## What is expected
For the entries below, return every line from the top through the line with "doc.units = 0" exactly as it stands, omitting pictures.

## Data under study

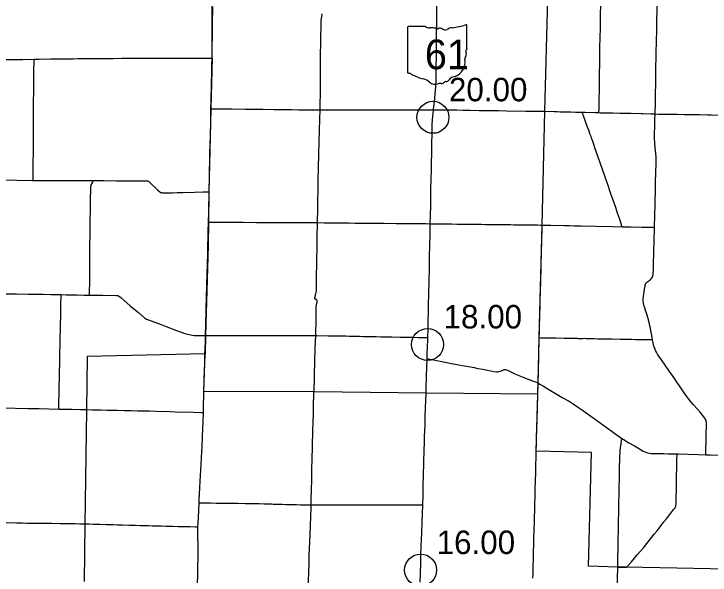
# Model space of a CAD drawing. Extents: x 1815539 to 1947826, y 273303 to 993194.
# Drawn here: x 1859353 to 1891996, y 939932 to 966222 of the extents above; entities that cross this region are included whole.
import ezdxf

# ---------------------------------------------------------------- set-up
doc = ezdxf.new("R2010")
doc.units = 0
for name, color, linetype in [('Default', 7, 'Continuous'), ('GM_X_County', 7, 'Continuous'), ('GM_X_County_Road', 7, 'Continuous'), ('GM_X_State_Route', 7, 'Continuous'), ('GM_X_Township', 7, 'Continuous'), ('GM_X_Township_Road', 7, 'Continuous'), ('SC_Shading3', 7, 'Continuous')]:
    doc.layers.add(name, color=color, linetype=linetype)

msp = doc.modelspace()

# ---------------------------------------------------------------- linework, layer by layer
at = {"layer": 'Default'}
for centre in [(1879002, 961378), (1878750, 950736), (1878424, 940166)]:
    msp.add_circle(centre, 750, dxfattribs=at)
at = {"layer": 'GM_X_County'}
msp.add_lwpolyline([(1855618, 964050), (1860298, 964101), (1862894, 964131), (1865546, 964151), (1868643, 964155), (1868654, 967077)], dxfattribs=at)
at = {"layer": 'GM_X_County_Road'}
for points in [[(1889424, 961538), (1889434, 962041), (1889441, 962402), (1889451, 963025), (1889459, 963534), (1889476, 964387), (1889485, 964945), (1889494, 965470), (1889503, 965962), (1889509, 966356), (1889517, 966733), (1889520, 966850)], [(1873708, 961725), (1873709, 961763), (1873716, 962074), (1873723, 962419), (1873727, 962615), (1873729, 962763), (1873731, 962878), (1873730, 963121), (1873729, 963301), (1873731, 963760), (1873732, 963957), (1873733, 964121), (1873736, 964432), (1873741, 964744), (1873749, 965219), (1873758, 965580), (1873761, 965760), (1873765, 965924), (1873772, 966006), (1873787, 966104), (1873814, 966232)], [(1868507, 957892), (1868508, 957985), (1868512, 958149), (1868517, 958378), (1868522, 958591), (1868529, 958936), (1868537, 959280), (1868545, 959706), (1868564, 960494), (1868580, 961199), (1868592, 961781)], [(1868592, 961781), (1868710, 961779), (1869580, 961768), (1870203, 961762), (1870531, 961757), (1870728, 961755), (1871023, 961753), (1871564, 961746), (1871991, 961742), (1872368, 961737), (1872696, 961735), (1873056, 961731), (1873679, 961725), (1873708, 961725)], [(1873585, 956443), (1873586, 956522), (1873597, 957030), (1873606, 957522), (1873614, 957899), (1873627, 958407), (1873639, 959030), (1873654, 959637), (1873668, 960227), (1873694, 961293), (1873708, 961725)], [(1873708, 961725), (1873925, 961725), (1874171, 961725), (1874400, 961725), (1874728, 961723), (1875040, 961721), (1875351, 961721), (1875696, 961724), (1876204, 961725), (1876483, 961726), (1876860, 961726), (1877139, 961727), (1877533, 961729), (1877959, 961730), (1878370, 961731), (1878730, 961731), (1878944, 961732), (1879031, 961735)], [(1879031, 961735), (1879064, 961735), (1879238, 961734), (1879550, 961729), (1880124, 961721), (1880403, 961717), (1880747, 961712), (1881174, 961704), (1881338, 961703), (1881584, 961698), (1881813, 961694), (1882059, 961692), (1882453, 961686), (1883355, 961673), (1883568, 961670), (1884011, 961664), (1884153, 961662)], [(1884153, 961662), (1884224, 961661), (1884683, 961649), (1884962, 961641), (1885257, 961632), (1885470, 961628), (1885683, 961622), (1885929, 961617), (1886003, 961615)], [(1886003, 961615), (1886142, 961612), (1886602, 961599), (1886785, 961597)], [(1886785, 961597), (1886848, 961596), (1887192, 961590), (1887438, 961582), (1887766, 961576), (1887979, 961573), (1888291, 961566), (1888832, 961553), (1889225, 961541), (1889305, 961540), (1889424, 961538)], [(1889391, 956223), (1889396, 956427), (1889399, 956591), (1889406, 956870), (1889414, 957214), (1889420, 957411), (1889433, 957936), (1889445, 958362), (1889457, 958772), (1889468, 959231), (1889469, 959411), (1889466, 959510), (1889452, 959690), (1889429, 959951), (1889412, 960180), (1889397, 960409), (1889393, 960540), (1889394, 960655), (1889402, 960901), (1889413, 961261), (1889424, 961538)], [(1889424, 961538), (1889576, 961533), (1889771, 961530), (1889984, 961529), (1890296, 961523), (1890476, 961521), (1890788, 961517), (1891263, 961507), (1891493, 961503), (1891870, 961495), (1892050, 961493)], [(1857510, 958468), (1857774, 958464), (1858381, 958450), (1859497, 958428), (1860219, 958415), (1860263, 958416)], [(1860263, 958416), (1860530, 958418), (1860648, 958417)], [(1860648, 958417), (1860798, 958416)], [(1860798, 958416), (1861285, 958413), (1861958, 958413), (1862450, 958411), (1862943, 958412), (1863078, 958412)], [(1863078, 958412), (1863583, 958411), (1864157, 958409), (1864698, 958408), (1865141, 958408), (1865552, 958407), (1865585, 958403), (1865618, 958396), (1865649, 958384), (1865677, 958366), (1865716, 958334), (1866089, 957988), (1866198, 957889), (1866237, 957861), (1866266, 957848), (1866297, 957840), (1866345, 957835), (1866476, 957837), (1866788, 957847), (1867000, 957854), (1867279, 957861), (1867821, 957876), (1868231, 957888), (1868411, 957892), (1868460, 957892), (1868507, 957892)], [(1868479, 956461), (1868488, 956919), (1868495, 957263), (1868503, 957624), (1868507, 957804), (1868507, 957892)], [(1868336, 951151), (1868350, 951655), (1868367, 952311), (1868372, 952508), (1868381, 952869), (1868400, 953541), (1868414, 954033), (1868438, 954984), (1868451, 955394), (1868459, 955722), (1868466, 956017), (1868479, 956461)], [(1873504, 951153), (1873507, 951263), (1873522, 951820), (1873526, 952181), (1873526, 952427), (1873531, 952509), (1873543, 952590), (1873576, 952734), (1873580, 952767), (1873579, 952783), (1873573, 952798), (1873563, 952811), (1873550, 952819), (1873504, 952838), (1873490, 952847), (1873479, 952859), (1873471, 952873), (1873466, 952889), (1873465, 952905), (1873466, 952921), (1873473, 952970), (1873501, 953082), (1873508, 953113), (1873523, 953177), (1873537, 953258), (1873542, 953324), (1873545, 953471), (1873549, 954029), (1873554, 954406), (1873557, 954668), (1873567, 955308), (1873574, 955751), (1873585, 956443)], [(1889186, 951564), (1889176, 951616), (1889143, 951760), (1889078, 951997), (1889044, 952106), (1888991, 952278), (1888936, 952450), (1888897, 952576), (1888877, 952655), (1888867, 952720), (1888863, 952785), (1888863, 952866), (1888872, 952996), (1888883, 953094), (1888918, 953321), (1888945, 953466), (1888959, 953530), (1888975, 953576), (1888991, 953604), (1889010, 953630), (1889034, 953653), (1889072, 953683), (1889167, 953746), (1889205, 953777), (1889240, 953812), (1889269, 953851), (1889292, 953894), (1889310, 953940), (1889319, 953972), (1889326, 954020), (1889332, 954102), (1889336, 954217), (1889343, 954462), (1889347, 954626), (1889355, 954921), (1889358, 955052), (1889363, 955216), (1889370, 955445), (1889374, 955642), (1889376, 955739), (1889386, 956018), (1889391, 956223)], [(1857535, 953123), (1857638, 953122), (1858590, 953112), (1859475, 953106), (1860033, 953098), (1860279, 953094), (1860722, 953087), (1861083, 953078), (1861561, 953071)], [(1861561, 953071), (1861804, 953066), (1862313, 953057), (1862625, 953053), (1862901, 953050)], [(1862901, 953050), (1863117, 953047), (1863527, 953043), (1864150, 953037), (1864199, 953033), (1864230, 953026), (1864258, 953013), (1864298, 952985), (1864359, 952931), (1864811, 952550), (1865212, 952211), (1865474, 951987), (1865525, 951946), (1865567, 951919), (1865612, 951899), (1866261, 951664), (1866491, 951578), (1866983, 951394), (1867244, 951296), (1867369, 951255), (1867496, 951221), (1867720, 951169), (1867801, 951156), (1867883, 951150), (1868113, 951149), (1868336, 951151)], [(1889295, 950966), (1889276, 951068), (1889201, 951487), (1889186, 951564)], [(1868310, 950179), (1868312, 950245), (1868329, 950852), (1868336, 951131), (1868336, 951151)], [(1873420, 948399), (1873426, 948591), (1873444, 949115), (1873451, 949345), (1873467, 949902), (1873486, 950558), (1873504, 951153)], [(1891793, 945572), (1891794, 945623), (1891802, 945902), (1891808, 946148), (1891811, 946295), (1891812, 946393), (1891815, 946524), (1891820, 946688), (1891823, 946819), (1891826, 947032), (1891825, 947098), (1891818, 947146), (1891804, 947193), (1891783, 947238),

## Answer box
# Model space of a CAD drawing. Extents: x 1815539 to 1947826, y 273303 to 993194.
# Drawn here: x 1859353 to 1891996, y 939932 to 966222 of the extents above; entities that cross this region are included whole.
import ezdxf

# ---------------------------------------------------------------- set-up
doc = ezdxf.new("R2010")
doc.units = 0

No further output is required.